# Shellac flakes or transtint? What weight shellac?



## mtx77 (Nov 14, 2012)

Im trying to match a new oak skirt to an old oak tabletop. The oil stain I was using was close, but needed an amber tint to it to really match. I got some amber transtint to add to Zinsser sealer which I believe is 2lb blonde shellac.

Rocker just got in 2oz orange flake kits. Im assuming I can just add orange flake directly to zinsser sealcoat for an amber tint.

Is there an advantage to using transtint or the shellac flakes?

Should i be thinning down the shellac to 1lb?
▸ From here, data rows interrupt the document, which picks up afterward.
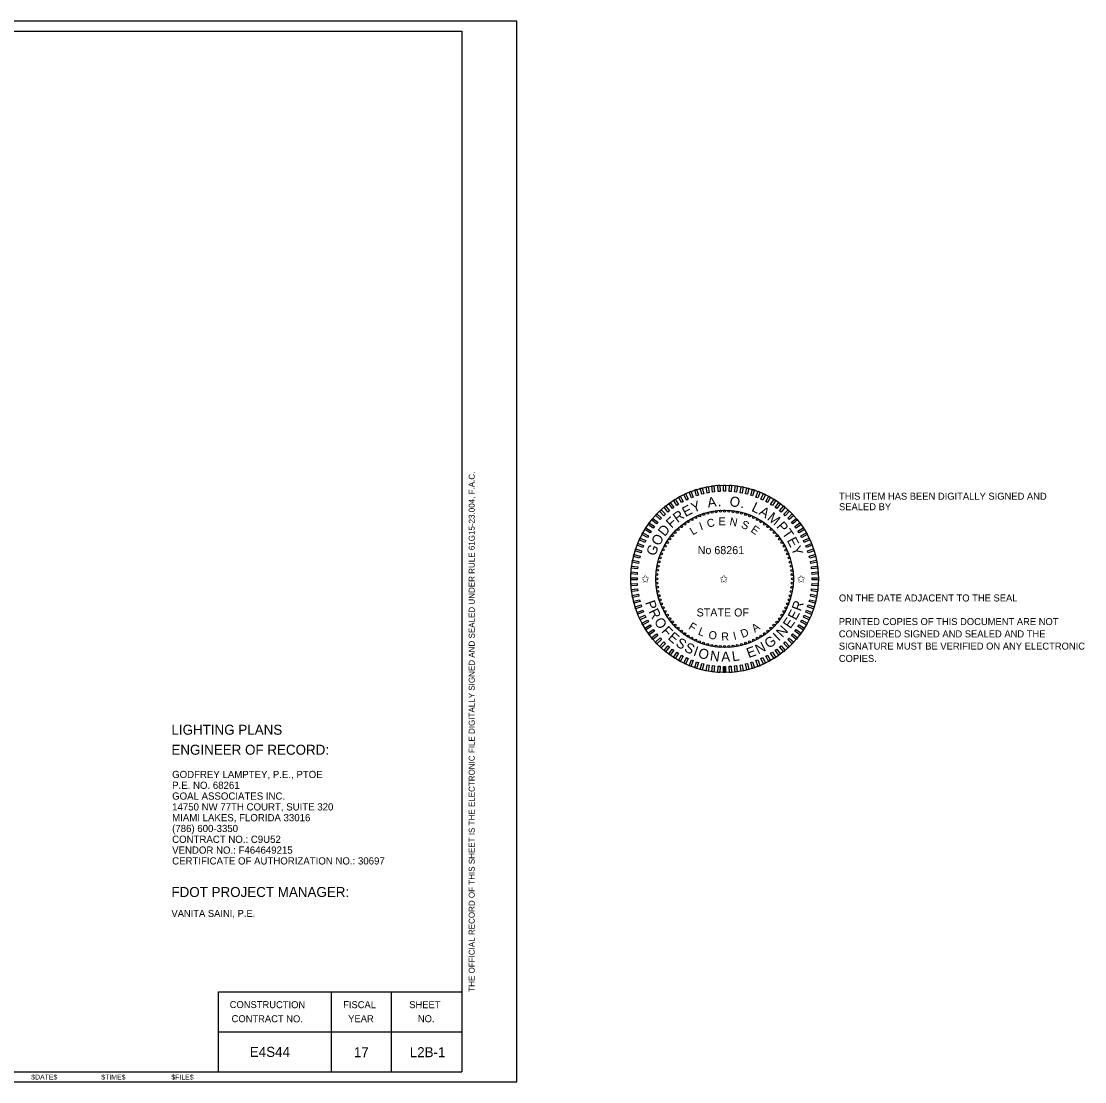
# Model space of a CAD drawing. Extents: x -820.2 to -798.1, y -2199.1 to -2188.5.
# Drawn here: x -808.68 to -798.05, y -2199.12 to -2188.52 of the extents above; entities that cross this region are included whole.
import ezdxf

# ---------------------------------------------------------------- set-up
doc = ezdxf.new("R2010")
doc.units = 0
for name, color, linetype in [('ActivePointCell_dp', 7, 'Continuous'), ('Logo_dp', 7, 'Continuous'), ('NonPlottingEle_dp', 7, 'Continuous'), ('PlotBorder_dp', 7, 'Continuous'), ('SheetBorder_dp', 7, 'Continuous'), ('SheetLines_dp', 7, 'Continuous'), ('TextLabel', 7, 'Continuous'), ('TextMinor', 7, 'Continuous'), ('TextMisc', 7, 'Continuous'), ('TextNotes', 7, 'Continuous'), ('TextShtNo', 7, 'Continuous')]:
    doc.layers.add(name, color=color, linetype=linetype)

msp = doc.modelspace()

# ---------------------------------------------------------------- linework, layer by layer
at = {"layer": 'ActivePointCell_dp'}
msp.add_line((-804.277, -2188.624), (-804.277, -2188.624), dxfattribs=at)
at = {"layer": 'Logo_dp'}
for p, q in [((-801.66, -2195.034), (-801.66, -2194.972)), ((-801.65, -2195.034), (-801.65, -2194.972)), ((-801.64, -2195.034), (-801.64, -2194.972))]:
    msp.add_line(p, q, dxfattribs=at)
for points in [[(-801.804, -2193.235), (-801.824, -2193.239), (-801.836, -2193.178), (-801.816, -2193.174)], [(-801.75, -2193.228), (-801.77, -2193.23), (-801.777, -2193.168), (-801.757, -2193.166)], [(-801.695, -2193.223), (-801.715, -2193.224), (-801.719, -2193.162), (-801.699, -2193.161)], [(-801.64, -2193.222), (-801.66, -2193.222), (-801.66, -2193.159), (-801.64, -2193.159)], [(-801.585, -2193.224), (-801.605, -2193.223), (-801.601, -2193.161), (-801.581, -2193.162)], [(-801.53, -2193.23), (-801.55, -2193.228), (-801.542, -2193.166), (-801.522, -2193.168)], [(-801.476, -2193.239), (-801.496, -2193.236), (-801.484, -2193.174), (-801.464, -2193.178)], [(-802.063, -2193.325), (-802.08, -2193.335), (-802.11, -2193.28), (-802.093, -2193.271)], [(-802.013, -2193.301), (-802.032, -2193.309), (-802.058, -2193.253), (-802.04, -2193.244)], [(-801.963, -2193.28), (-801.981, -2193.287), (-802.004, -2193.229), (-801.986, -2193.222)], [(-801.911, -2193.262), (-801.93, -2193.268), (-801.949, -2193.208), (-801.93, -2193.202)], [(-801.858, -2193.247), (-801.877, -2193.252), (-801.893, -2193.191), (-801.873, -2193.186)], [(-801.423, -2193.252), (-801.442, -2193.247), (-801.427, -2193.186), (-801.407, -2193.191)], [(-801.37, -2193.268), (-801.389, -2193.262), (-801.37, -2193.202), (-801.351, -2193.208)], [(-801.318, -2193.287), (-801.337, -2193.28), (-801.314, -2193.222), (-801.295, -2193.229)], [(-801.268, -2193.31), (-801.287, -2193.301), (-801.26, -2193.244), (-801.242, -2193.253)], [(-801.22, -2193.335), (-801.237, -2193.325), (-801.207, -2193.271), (-801.19, -2193.28)], [(-802.2, -2193.416), (-802.216, -2193.429), (-802.255, -2193.381), (-802.24, -2193.368)], [(-802.156, -2193.383), (-802.172, -2193.395), (-802.209, -2193.344), (-802.193, -2193.333)], [(-802.11, -2193.353), (-802.127, -2193.363), (-802.161, -2193.311), (-802.144, -2193.3)], [(-801.173, -2193.364), (-801.19, -2193.353), (-801.156, -2193.3), (-801.139, -2193.311)], [(-801.127, -2193.395), (-801.144, -2193.383), (-801.107, -2193.333), (-801.091, -2193.344)], [(-801.084, -2193.429), (-801.1, -2193.416), (-801.06, -2193.368), (-801.045, -2193.381)], [(-802.318, -2193.531), (-802.331, -2193.547), (-802.379, -2193.507), (-802.366, -2193.492)], [(-802.281, -2193.491), (-802.295, -2193.505), (-802.34, -2193.462), (-802.326, -2193.448)], [(-802.242, -2193.452), (-802.256, -2193.466), (-802.299, -2193.42), (-802.284, -2193.407)], [(-801.044, -2193.466), (-801.058, -2193.452), (-801.016, -2193.407), (-801.001, -2193.421)], [(-801.005, -2193.505), (-801.019, -2193.491), (-800.974, -2193.448), (-800.96, -2193.463)], [(-800.969, -2193.547), (-800.982, -2193.531), (-800.934, -2193.492), (-800.921, -2193.507)], [(-802.383, -2193.619), (-802.394, -2193.637), (-802.447, -2193.603), (-802.436, -2193.586)], [(-802.352, -2193.574), (-802.364, -2193.591), (-802.414, -2193.554), (-802.403, -2193.538)], [(-800.936, -2193.591), (-800.948, -2193.575), (-800.898, -2193.538), (-800.886, -2193.554)], [(-800.906, -2193.637), (-800.917, -2193.62), (-800.864, -2193.586), (-800.853, -2193.603)], [(-802.437, -2193.715), (-802.446, -2193.733), (-802.503, -2193.707), (-802.494, -2193.689)], [(-802.412, -2193.666), (-802.422, -2193.684), (-802.476, -2193.654), (-802.467, -2193.636)], [(-800.878, -2193.684), (-800.888, -2193.667), (-800.833, -2193.637), (-800.824, -2193.654)], [(-800.854, -2193.734), (-800.863, -2193.715), (-800.806, -2193.689), (-800.797, -2193.707)], [(-802.479, -2193.817), (-802.485, -2193.836), (-802.545, -2193.817), (-802.539, -2193.798)], [(-802.46, -2193.765), (-802.467, -2193.784), (-802.525, -2193.761), (-802.518, -2193.742)], [(-800.833, -2193.784), (-800.84, -2193.766), (-800.782, -2193.743), (-800.775, -2193.761)], [(-800.815, -2193.836), (-800.821, -2193.817), (-800.762, -2193.798), (-800.755, -2193.817)], [(-802.508, -2193.923), (-802.511, -2193.943), (-802.573, -2193.931), (-802.569, -2193.911)], [(-802.495, -2193.869), (-802.5, -2193.889), (-802.561, -2193.873), (-802.556, -2193.854)], [(-800.8, -2193.889), (-800.805, -2193.87), (-800.745, -2193.854), (-800.74, -2193.874)], [(-800.789, -2193.943), (-800.792, -2193.923), (-800.731, -2193.911), (-800.727, -2193.931)], [(-802.523, -2194.032), (-802.524, -2194.052), (-802.586, -2194.048), (-802.585, -2194.028)], [(-802.517, -2193.977), (-802.519, -2193.997), (-802.581, -2193.989), (-802.579, -2193.969)], [(-800.781, -2193.997), (-800.783, -2193.977), (-800.721, -2193.97), (-800.719, -2193.99)], [(-800.776, -2194.052), (-800.777, -2194.032), (-800.715, -2194.028), (-800.714, -2194.048)], [(-802.525, -2194.087), (-802.525, -2194.107), (-802.588, -2194.107), (-802.588, -2194.087)], [(-800.775, -2194.107), (-800.775, -2194.087), (-800.713, -2194.087), (-800.713, -2194.107)], [(-802.524, -2194.142), (-802.523, -2194.162), (-802.585, -2194.166), (-802.586, -2194.146)], [(-802.519, -2194.196), (-802.517, -2194.217), (-802.579, -2194.224), (-802.581, -2194.204)], [(-800.783, -2194.217), (-800.781, -2194.197), (-800.719, -2194.205), (-800.721, -2194.225)], [(-800.777, -2194.162), (-800.776, -2194.142), (-800.714, -2194.146), (-800.715, -2194.166)], [(-802.512, -2194.251), (-802.508, -2194.271), (-802.569, -2194.282), (-802.573, -2194.263)], [(-802.5, -2194.305), (-802.495, -2194.324), (-802.556, -2194.34), (-802.561, -2194.32)], [(-800.805, -2194.324), (-800.8, -2194.305), (-800.74, -2194.32), (-800.745, -2194.34)], [(-800.792, -2194.271), (-800.789, -2194.251), (-800.727, -2194.263), (-800.731, -2194.283)], [(-802.485, -2194.358), (-802.479, -2194.377), (-802.539, -2194.396), (-802.545, -2194.377)], [(-802.467, -2194.41), (-802.46, -2194.428), (-802.518, -2194.451), (-802.525, -2194.433)], [(-800.84, -2194.429), (-800.833, -2194.41), (-800.775, -2194.433), (-800.782, -2194.452)], [(-800.821, -2194.377), (-800.815, -2194.358), (-800.755, -2194.377), (-800.762, -2194.396)], [(-802.446, -2194.46), (-802.438, -2194.479), (-802.494, -2194.505), (-802.503, -2194.487)], [(-802.422, -2194.51), (-802.412, -2194.527), (-802.467, -2194.557), (-802.476, -2194.54)], [(-802.394, -2194.557), (-802.384, -2194.574), (-802.436, -2194.608), (-802.447, -2194.591)], [(-800.917, -2194.574), (-800.906, -2194.557), (-800.853, -2194.591), (-800.864, -2194.608)], [(-800.888, -2194.527), (-800.878, -2194.51), (-800.824, -2194.54), (-800.833, -2194.557)], [(-800.863, -2194.479), (-800.854, -2194.46), (-800.798, -2194.487), (-800.806, -2194.505)], [(-802.364, -2194.603), (-802.352, -2194.619), (-802.403, -2194.656), (-802.414, -2194.64)], [(-802.331, -2194.647), (-802.318, -2194.662), (-802.366, -2194.702), (-802.379, -2194.687)], [(-800.982, -2194.663), (-800.969, -2194.647), (-800.921, -2194.687), (-800.934, -2194.702)], [(-800.948, -2194.619), (-800.936, -2194.603), (-800.886, -2194.64), (-800.898, -2194.656)], [(-802.295, -2194.688), (-802.281, -2194.703), (-802.327, -2194.746), (-802.34, -2194.731)], [(-802.256, -2194.728), (-802.242, -2194.742), (-802.285, -2194.787), (-802.299, -2194.773)], [(-802.216, -2194.765), (-802.2, -2194.778), (-802.24, -2194.826), (-802.255, -2194.813)], [(-801.1, -2194.778), (-801.085, -2194.765), (-801.045, -2194.813), (-801.06, -2194.826)], [(-801.058, -2194.742), (-801.044, -2194.728), (-801.001, -2194.773), (-801.016, -2194.787)], [(-801.019, -2194.703), (-801.005, -2194.689), (-800.96, -2194.731), (-800.974, -2194.746)], [(-802.173, -2194.799), (-802.156, -2194.811), (-802.193, -2194.861), (-802.209, -2194.849)], [(-802.128, -2194.83), (-802.11, -2194.841), (-802.144, -2194.894), (-802.161, -2194.883)], [(-802.081, -2194.859), (-802.063, -2194.869), (-802.093, -2194.923), (-802.111, -2194.914)], [(-801.237, -2194.869), (-801.22, -2194.859), (-801.19, -2194.914), (-801.207, -2194.923)], [(-801.19, -2194.841), (-801.173, -2194.83), (-801.139, -2194.883), (-801.156, -2194.894)], [(-801.144, -2194.811), (-801.128, -2194.799), (-801.091, -2194.849), (-801.107, -2194.861)], [(-802.032, -2194.884), (-802.014, -2194.893), (-802.04, -2194.949), (-802.058, -2194.941)], [(-801.982, -2194.907), (-801.963, -2194.914), (-801.986, -2194.972), (-802.005, -2194.965)], [(-801.93, -2194.926), (-801.911, -2194.932), (-801.93, -2194.992), (-801.949, -2194.985)], [(-801.878, -2194.942), (-801.858, -2194.947), (-801.874, -2195.007), (-801.893, -2195.002)], [(-801.824, -2194.955), (-801.804, -2194.958), (-801.816, -2195.02), (-801.836, -2195.016)], [(-801.77, -2194.964), (-801.75, -2194.966), (-801.758, -2195.028), (-801.778, -2195.026)], [(-801.715, -2194.97), (-801.695, -2194.971), (-801.699, -2195.033), (-801.719, -2195.032)], [(-801.66, -2194.972), (-801.64, -2194.972), (-801.64, -2195.034), (-801.66, -2195.034)], [(-801.605, -2194.971), (-801.585, -2194.97), (-801.581, -2195.032), (-801.601, -2195.033)], [(-801.551, -2194.966), (-801.53, -2194.964), (-801.523, -2195.026), (-801.543, -2195.028)], [(-801.496, -2194.958), (-801.476, -2194.955), (-801.465, -2195.016), (-801.484, -2195.02)], [(-801.442, -2194.947), (-801.423, -2194.942), (-801.407, -2195.002), (-801.427, -2195.007)], [(-801.389, -2194.932), (-801.37, -2194.926), (-801.351, -2194.985), (-801.37, -2194.992)], [(-801.337, -2194.914), (-801.319, -2194.907), (-801.296, -2194.965), (-801.314, -2194.972)], [(-801.287, -2194.893), (-801.268, -2194.884), (-801.242, -2194.941), (-801.26, -2194.95)]]:
    msp.add_lwpolyline(points, close=True, dxfattribs=at)
for centre in [(-801.976, -2193.503), (-801.938, -2193.484), (-801.899, -2193.467), (-801.859, -2193.452), (-801.818, -2193.441), (-801.776, -2193.431), (-801.734, -2193.425), (-801.692, -2193.421), (-801.65, -2193.419), (-801.607, -2193.421), (-801.565, -2193.425), (-801.523, -2193.432), (-801.481, -2193.441), (-801.44, -2193.453), (-801.4, -2193.467), (-801.361, -2193.484), (-801.323, -2193.504), (-802.113, -2193.603), (-802.081, -2193.575), (-802.048, -2193.549), (-802.013, -2193.525), (-801.287, -2193.525), (-801.251, -2193.549), (-801.218, -2193.575), (-801.186, -2193.603), (-802.198, -2193.698), (-802.172, -2193.665), (-802.144, -2193.633), (-801.156, -2193.634), (-801.128, -2193.666), (-801.102, -2193.699), (-802.263, -2193.808), (-802.243, -2193.77), (-802.222, -2193.733), (-801.078, -2193.734), (-801.056, -2193.771), (-801.037, -2193.809), (-802.306, -2193.928), (-802.294, -2193.887), (-802.28, -2193.847), (-801.02, -2193.848), (-801.006, -2193.888), (-800.994, -2193.929), (-802.322, -2194.011), (-802.315, -2193.969), (-800.984, -2193.971), (-800.978, -2194.013), (-802.328, -2194.096), (-802.326, -2194.054), (-802.326, -2194.139), (-800.974, -2194.055), (-800.974, -2194.14), (-800.973, -2194.097), (-802.322, -2194.181), (-802.316, -2194.223), (-800.985, -2194.224), (-800.978, -2194.182), (-802.306, -2194.265), (-802.295, -2194.306), (-802.28, -2194.346), (-801.02, -2194.347), (-801.006, -2194.307), (-800.994, -2194.266), (-802.263, -2194.385), (-802.244, -2194.423), (-802.222, -2194.459), (-801.078, -2194.46), (-801.057, -2194.424), (-801.037, -2194.386), (-802.198, -2194.495), (-802.172, -2194.528), (-802.144, -2194.56), (-801.157, -2194.561), (-801.128, -2194.529), (-801.102, -2194.496), (-802.114, -2194.59), (-802.082, -2194.619), (-802.049, -2194.645), (-802.014, -2194.669), (-801.288, -2194.669), (-801.252, -2194.645), (-801.219, -2194.619), (-801.187, -2194.591), (-801.977, -2194.69), (-801.939, -2194.71), (-801.9, -2194.727), (-801.86, -2194.741), (-801.819, -2194.753), (-801.778, -2194.762), (-801.736, -2194.769), (-801.693, -2194.773), (-801.65, -2194.774), (-801.608, -2194.773), (-801.566, -2194.769), (-801.524, -2194.762), (-801.482, -2194.753), (-801.441, -2194.741), (-801.401, -2194.727), (-801.362, -2194.71), (-801.324, -2194.691)]:
    msp.add_circle(centre, 0.01, dxfattribs=at)
at = {"layer": 'NonPlottingEle_dp'}
for radius in [0.937, 0.687]:
    msp.add_circle((-801.65, -2194.097), radius, dxfattribs=at)
at = {"layer": 'PlotBorder_dp'}
msp.add_lwpolyline([(-820.227, -2199.124), (-803.727, -2199.124), (-803.727, -2188.524), (-820.227, -2188.524)], close=True, dxfattribs=at)
at = {"layer": 'SheetBorder_dp'}
for p, q in [((-819.677, -2188.624), (-804.277, -2188.624)), ((-804.277, -2188.624), (-804.277, -2199.024)), ((-819.677, -2199.024), (-804.277, -2199.024))]:
    msp.add_line(p, q, dxfattribs=at)
at = {"layer": 'SheetLines_dp'}
for p, q in [((-806.708, -2198.224), (-804.277, -2198.224)), ((-806.708, -2199.024), (-806.708, -2198.224)), ((-805.577, -2199.024), (-805.577, -2198.224)), ((-804.977, -2199.024), (-804.977, -2198.224)), ((-806.708, -2198.624), (-804.277, -2198.624))]:
    msp.add_line(p, q, dxfattribs=at)

# ---------------------------------------------------------------- texts
at = {"layer": 'Logo_dp'}
for s, height, rotation, p in [('A', 0.1, 8.8088, (-801.815, -2193.386)), ('O', 0.1, 352.1877, (-801.605, -2193.369)), ('E', 0.1, 28.1055, (-802.041, -2193.481)), ('Y', 0.1, 21.0633, (-801.962, -2193.438)), ('.', 0.1, 1.0418, (-801.717, -2193.371)), ('.', 0.1, 343.5268, (-801.496, -2193.384)), ('L', 0.1, 334.6727, (-801.388, -2193.416)), ('A', 0.1, 328.4096, (-801.315, -2193.449)), ('F', 0.1, 42.3772, (-802.18, -2193.596)), ('R', 0.1, 35.9269, (-802.121, -2193.54)), ('C', 0.08, 12.2025, (-801.818, -2193.585)), ('E', 0.08, 0.4186, (-801.71, -2193.562)), ('N', 0.08, 349.2914, (-801.605, -2193.56)), ('M', 0.1, 320.6426, (-801.231, -2193.5)), ('D', 0.1, 50.8569, (-802.248, -2193.68)), ('L', 0.08, 30.4021, (-801.969, -2193.663)), ('I', 0.08, 20.0117, (-801.886, -2193.613)), ('S', 0.08, 337.0221, (-801.492, -2193.582)), ('E', 0.08, 325.8663, (-801.396, -2193.622)), ('P', 0.1, 311.1966, (-801.138, -2193.577)), ('T', 0.1, 304.4563, (-801.081, -2193.641)), ('O', 0.1, 59.5178, (-802.304, -2193.775)), ('E', 0.1, 297.6315, (-801.031, -2193.712)), ('G', 0.1, 68.0518, (-802.345, -2193.875)), ('Y', 0.1, 290.5893, (-800.988, -2193.79)), ('P', 0.1, 289.4055, (-802.445, -2194.332)), ('R', 0.1, 69.5134, (-800.89, -2194.427)), ('R', 0.1, 296.1458, (-802.412, -2194.423)), ('E', 0.1, 62.4712, (-800.936, -2194.517)), ('O', 0.1, 303.9671, (-802.36, -2194.524)), ('F', 0.08, 328.7241, (-802.018, -2194.594)), ('A', 0.08, 34.4992, (-801.348, -2194.636)), ('N', 0.1, 47.1788, (-801.072, -2194.691)), ('E', 0.1, 55.4289, (-800.993, -2194.602)), ('F', 0.1, 312.628, (-802.288, -2194.626)), ('E', 0.1, 319.0783, (-802.224, -2194.694)), ('L', 0.08, 339.2916, (-801.921, -2194.653)), ('O', 0.08, 349.6821, (-801.816, -2194.692)), ('R', 0.08, 2.3398, (-801.682, -2194.714)), ('I', 0.08, 14.2037, (-801.554, -2194.708)), ('D', 0.08, 22.0128, (-801.472, -2194.689)), ('I', 0.1, 43.6456, (-801.11, -2194.725)), ('S', 0.1, 326.1206, (-802.147, -2194.76)), ('S', 0.1, 333.193, (-802.061, -2194.816)), ('I', 0.1, 340.2654, (-801.97, -2194.861)), ('E', 0.1, 19.8191, (-801.41, -2194.89)), ('N', 0.1, 26.8614, (-801.314, -2194.854)), ('G', 0.1, 35.1115, (-801.209, -2194.798)), ('O', 0.1, 343.7986, (-801.922, -2194.88)), ('N', 0.1, 352.4595, (-801.801, -2194.912)), ('A', 0.1, 0.7097, (-801.683, -2194.925)), ('L', 0.1, 8.4767, (-801.57, -2194.922))]:
    msp.add_text(s, height=height, rotation=rotation, dxfattribs=at).set_placement(p)
for s, p in [('No 68261', (-801.919, -2193.85)), ('✩', (-802.485, -2194.135)), ('✩', (-801.7, -2194.135)), ('✩', (-800.928, -2194.135)), ('STATE OF', (-801.93, -2194.473))]:
    msp.add_text(s, height=0.08, dxfattribs=at).set_placement(p)
at = {"layer": 'TextLabel'}
for s, height, p in [('LIGHTING PLANS', 0.1, (-807.177, -2195.655)), ('ENGINEER OF RECORD:', 0.1, (-807.177, -2195.855)), ('GODFREY LAMPTEY, P.E., PTOE', 0.07202, (-807.17, -2196.088)), ('P.E. NO. 68261', 0.07202, (-807.17, -2196.196)), ('GOAL ASSOCIATES INC. ', 0.07202, (-807.17, -2196.304)), ('14750 NW 77TH COURT, SUITE 320', 0.07202, (-807.17, -2196.412)), ('MIAMI LAKES, FLORIDA 33016', 0.07202, (-807.17, -2196.52)), ('(786) 600-3350', 0.07202, (-807.17, -2196.628)), ('CONTRACT NO.: C9U52', 0.07202, (-807.17, -2196.736)), ('VENDOR NO.: F464649215', 0.07202, (-807.17, -2196.844)), ('CERTIFICATE OF AUTHORIZATION NO.: 30697', 0.07202, (-807.17, -2196.952)), ('E4S44', 0.1, (-806.394, -2198.875))]:
    msp.add_text(s, height=height, dxfattribs=at).set_placement(p)
at = {"layer": 'TextMinor'}
for s, p in [('$DATE$', (-808.578, -2199.102)), ('$TIME$', (-807.878, -2199.102)), ('$FILE$', (-807.178, -2199.102))]:
    msp.add_text(s, height=0.05, rotation=360, dxfattribs=at).set_placement(p)
at = {"layer": 'TextMisc'}
msp.add_text('THE OFFICIAL RECORD OF THIS SHEET IS THE ELECTRONIC FILE DIGITALLY SIGNED AND SEALED UNDER RULE 61G15-23.004, F.A.C.', height=0.06, rotation=90, dxfattribs=at).set_placement((-804.147, -2198.224))
for s, p in [('THIS ITEM HAS BEEN DIGITALLY SIGNED AND ', (-800.507, -2193.306)), ('SEALED BY', (-800.507, -2193.411)), ('ON THE DATE ADJACENT TO THE SEAL', (-800.508, -2194.323)), ('PRINTED COPIES OF THIS DOCUMENT ARE NOT ', (-800.509, -2194.559)), ('CONSIDERED SIGNED AND SEALED AND THE ', (-800.509, -2194.682)), ('SIGNATURE MUST BE VERIFIED ON ANY ELECTRONIC ', (-800.509, -2194.804)), ('COPIES.', (-800.509, -2194.927))]:
    msp.add_text(s, height=0.07, dxfattribs=at).set_placement(p)
at = {"layer": 'TextNotes'}
for s, height, p in [('FDOT PROJECT MANAGER:', 0.1, (-807.177, -2197.277)), ('VANITA SAINI, P.E.', 0.07, (-807.177, -2197.476))]:
    msp.add_text(s, height=height, dxfattribs=at).set_placement(p)
for s, p in [('CONSTRUCTION', (-806.595, -2198.387)), ('FISCAL', (-805.461, -2198.388)), ('SHEET', (-804.801, -2198.388)), ('CONTRACT NO.', (-806.576, -2198.528)), ('YEAR', (-805.411, -2198.528)), ('NO.', (-804.715, -2198.528))]:
    msp.add_text(s, height=0.07, rotation=359.8607, dxfattribs=at).set_placement(p)
at = {"layer": 'TextShtNo'}
for s, p in [('17', (-805.354, -2198.878)), ('L2B-1', (-804.796, -2198.878))]:
    msp.add_text(s, height=0.1, dxfattribs=at).set_placement(p)

doc.saveas('drawing.dxf')

When I tried just adding transtint to the shellac the color was ok, but on the grain itd get a bit orangey. Im thinking maybe I need to put down regular blonde shellac, then amber? And its better to put down a few thin shellac coats rather than 1 thick one right?


----------



## Purrmaster (Sep 1, 2012)

If the Rockler orange flakes you're talking about are the same ones I bought from Rockler, please be aware that the orange shellac is *not* dewaxed. If the shellac is going to be your top coat, that's fine. But if you plan to put something over it you may have problems getting another finish to stick. Just about anything sticks to dewaxed shellac but not to waxed.

I'd start with a 3 pound cut. If it's too thick you can easily pour in some more alcohol to thin it.


----------



## Cosmicsniper (Oct 2, 2009)

I never work more than a 2# cut. 3# feels too thick to brush or pad on and I'd never spray it that thick.

If you are confident that the table top is finished with amber shellac, then go with the amber shellac. But it'll be hard to match the color if all you are doing is taking one bottle of TransTint and squirting some in some Sealcoat. It will require a certain mix of dyes, more than likely. But this gives you the most control.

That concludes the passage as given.